SickKids-led research demonstrates first use of exosomes as fetal therapy using animal models and human lung cells

Posted on April 21, 2021

Summary:

International research team used exosomes from amniotic fluid stem cells in animal models and human lung cells to treat underdeveloped fetal lungs, restarting growth and normal functioning.

An international team of researchers led by The Hospital for Sick Children (SickKids) has successfully demonstrated the potential of exosomes as a fetal therapy to regenerate immature lungs. Exosomes, which can be thought of as messengers carrying genetic material that travel between cells, have emerged as having therapeutic potential for a wide range of diseases in adults, including cancer and heart conditions.

Now, the SickKids-led research team has demonstrated that exosomes from stem cells isolated in the amniotic fluid can successfully regenerate fetal lung growth and maturation in animal models and human lung cells. Their findings were published in Science Translational Medicine on April 21, 2021. The researchers say their study highlights how exosomes could be a vital precision medicine tool for paediatrics in the future.

Dr. Augusto Zani, principal investigator of the study, Neonatal and Paediatric Surgeon in the Division of General and Thoracic Surgery, and Scientist in the Developmental and Stem Cell Biology program, SickKids, and Lina Antounians, first author of the study, Lab Research Project Manager in the Developmental and Stem Cell Biology program, SickKids, discuss their work and how their findings could have the potential to treat several kinds of congenital abnormalities.

Breathing is essential to life, as with every breath, the body is replenished and cleansed, a process made possible by the lungs.

Every year, in the US and Canada alone, almost 2,000 babies are born with lungs that are too small for them to breath properly. Tragically, half of the babies dies, and the other half has severe difficulty breathing.

These babies suffer from a condition called Congenital Diaphragmatic Hernia or CDH, as they are born with a hole in diaphragm, the muscle that separates the chest from the belly. So, the organs that are supposed to live in the belly, such as the intestines, slip up through the hole into the chest and squash the lungs to a point that they don’t have enough room to grow.

Even when we do surgery to close the hole in the diaphragm and return the bowels into the belly, the lungs remain way too small. We all agree that a therapy for these tiny lungs is desperately needed.

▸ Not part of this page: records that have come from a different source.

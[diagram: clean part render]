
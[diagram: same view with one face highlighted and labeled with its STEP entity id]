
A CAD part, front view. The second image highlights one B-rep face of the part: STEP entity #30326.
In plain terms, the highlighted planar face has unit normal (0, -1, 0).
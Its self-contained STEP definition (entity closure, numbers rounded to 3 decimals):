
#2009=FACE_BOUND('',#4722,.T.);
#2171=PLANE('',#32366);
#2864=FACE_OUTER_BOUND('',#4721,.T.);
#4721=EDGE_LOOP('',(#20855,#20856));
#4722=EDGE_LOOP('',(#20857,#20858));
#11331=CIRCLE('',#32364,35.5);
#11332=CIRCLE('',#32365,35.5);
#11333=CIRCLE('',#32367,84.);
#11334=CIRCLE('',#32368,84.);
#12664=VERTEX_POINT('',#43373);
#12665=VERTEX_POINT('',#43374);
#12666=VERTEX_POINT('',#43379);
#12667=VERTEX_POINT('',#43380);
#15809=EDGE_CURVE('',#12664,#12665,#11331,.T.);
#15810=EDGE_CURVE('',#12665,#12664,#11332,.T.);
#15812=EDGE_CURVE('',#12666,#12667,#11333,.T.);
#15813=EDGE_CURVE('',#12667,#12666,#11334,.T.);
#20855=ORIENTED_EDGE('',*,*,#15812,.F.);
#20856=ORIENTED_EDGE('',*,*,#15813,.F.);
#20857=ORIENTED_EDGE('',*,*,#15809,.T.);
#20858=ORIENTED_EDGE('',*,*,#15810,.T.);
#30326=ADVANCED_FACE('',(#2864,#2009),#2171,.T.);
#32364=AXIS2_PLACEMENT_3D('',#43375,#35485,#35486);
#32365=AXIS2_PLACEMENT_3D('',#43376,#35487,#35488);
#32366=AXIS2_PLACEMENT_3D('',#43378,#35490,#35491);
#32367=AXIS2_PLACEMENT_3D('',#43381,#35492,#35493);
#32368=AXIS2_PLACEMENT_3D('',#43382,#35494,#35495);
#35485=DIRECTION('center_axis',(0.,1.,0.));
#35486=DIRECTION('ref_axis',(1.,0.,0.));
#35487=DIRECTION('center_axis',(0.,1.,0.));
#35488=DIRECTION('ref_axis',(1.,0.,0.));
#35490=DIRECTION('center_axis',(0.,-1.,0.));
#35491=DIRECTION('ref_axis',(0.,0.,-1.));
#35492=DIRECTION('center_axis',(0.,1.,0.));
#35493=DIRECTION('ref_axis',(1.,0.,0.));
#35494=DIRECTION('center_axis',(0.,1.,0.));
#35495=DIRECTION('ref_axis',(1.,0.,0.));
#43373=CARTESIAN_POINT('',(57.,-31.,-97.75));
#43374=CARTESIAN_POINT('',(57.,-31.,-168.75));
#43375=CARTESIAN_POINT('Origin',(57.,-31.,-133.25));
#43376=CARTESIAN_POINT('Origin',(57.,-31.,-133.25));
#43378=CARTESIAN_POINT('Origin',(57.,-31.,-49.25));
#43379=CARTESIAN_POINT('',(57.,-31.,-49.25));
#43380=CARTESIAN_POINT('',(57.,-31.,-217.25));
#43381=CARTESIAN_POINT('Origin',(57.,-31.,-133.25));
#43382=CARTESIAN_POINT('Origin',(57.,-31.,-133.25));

Once the baby is born, it’s too late to make the lungs grow. The good thing is that nowadays we can recognize these babies with CDH before birth, with a simple ultrasound scan. So, we all agree that the ideal timing to intervene on these lungs is when the baby is still in the mom’s womb. However, many research groups have tried, but none of the treatments tested so far has been successful.

I am very excited to tell you that we think we have found the solution in the amniotic fluid!

For years, we have been studying stem cells from the amniotic fluid and we have now demonstrated that they release small droplets, called exosomes, that can make the tiny lungs grow bigger!

Exosomes are like postmen who carry messages from a cell to another. They are released by all cells, but those coming from the amniotic fluid are special as they can regenerate organs, like the lung of a baby. In fact, they carry a message made of genetic material, the so-called microRNAs, molecules that tell the recipient lung cell to restart growing.

When in our studies we gave exosomes to tiny lungs, we observed they restarted growing and functioning like normal.

When we coloured the exosomes to see where they were going, we found them inside the lung cells and saw that they released their cargo.

This caused the lung cells to make more and more of the molecules that help us breathe, like surfactant, and we saw that the treated lungs were more mature as they had more specialized cells.

I am very excited because this is the first fetal therapy using exosomes! Our study opens avenues to test the use of these exosomes for other congenital anomalies. This means increasing the chances for millions of babies to survive and live a normal life.